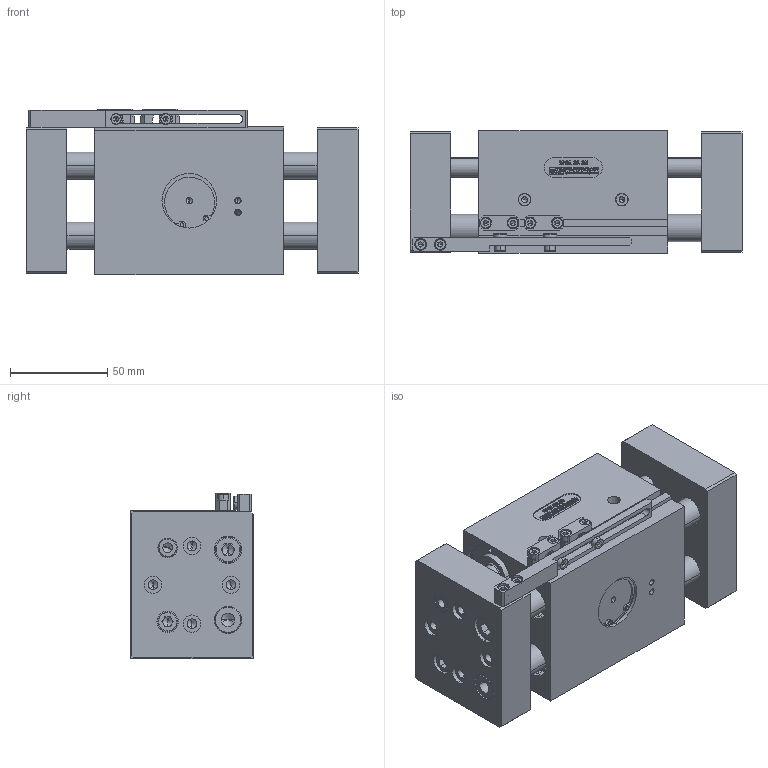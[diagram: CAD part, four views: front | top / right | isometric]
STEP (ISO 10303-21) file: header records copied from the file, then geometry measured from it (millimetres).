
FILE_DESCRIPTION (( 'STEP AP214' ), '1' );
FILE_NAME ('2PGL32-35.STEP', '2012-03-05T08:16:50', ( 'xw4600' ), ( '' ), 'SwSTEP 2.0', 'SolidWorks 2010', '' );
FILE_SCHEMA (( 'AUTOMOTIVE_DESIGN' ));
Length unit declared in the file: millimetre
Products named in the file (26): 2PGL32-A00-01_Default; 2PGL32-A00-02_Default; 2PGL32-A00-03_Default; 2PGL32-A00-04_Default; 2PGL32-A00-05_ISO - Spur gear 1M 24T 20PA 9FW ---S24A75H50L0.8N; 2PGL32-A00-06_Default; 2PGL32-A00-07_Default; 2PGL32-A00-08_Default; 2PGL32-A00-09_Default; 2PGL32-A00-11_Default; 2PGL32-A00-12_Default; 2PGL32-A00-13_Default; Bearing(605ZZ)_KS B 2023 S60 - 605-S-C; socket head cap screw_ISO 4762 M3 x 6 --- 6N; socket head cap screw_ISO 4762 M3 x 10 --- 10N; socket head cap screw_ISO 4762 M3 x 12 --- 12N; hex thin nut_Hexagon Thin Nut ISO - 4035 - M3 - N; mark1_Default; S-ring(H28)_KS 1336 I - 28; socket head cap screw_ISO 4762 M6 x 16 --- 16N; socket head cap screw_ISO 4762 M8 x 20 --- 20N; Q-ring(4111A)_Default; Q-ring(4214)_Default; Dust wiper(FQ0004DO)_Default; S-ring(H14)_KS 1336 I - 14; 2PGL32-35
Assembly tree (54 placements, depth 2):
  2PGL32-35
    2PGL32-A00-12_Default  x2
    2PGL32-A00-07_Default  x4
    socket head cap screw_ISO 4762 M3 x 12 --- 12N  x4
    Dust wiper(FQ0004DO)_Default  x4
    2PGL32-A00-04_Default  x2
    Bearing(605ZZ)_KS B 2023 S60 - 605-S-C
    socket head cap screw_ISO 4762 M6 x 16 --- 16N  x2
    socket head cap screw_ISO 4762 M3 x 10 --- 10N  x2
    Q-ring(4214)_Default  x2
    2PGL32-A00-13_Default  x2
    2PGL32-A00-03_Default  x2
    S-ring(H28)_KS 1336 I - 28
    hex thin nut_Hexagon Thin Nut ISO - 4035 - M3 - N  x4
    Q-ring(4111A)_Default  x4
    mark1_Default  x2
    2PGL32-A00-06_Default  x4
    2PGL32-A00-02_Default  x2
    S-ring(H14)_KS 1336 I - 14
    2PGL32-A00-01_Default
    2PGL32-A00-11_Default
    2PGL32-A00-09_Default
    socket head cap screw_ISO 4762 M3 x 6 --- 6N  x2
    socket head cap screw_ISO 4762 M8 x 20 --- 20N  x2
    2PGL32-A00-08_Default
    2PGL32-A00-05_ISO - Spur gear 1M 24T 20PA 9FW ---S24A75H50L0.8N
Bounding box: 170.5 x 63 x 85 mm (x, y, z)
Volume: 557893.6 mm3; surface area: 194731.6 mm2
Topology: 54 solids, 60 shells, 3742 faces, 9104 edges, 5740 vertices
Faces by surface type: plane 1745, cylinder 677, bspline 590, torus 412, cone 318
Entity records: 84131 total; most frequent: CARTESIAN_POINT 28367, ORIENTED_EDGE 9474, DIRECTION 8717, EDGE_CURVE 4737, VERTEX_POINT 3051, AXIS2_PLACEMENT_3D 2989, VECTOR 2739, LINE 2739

▶ The task
Whenever the word "records" occurs in a line of the listing above, return that line.

▶ Output below
STEP (ISO 10303-21) file: header records copied from the file, then geometry measured from it (millimetres).
Entity records: 84131 total; most frequent: CARTESIAN_POINT 28367, ORIENTED_EDGE 9474, DIRECTION 8717, EDGE_CURVE 4737, VERTEX_POINT 3051, AXIS2_PLACEMENT_3D 2989, VECTOR 2739, LINE 2739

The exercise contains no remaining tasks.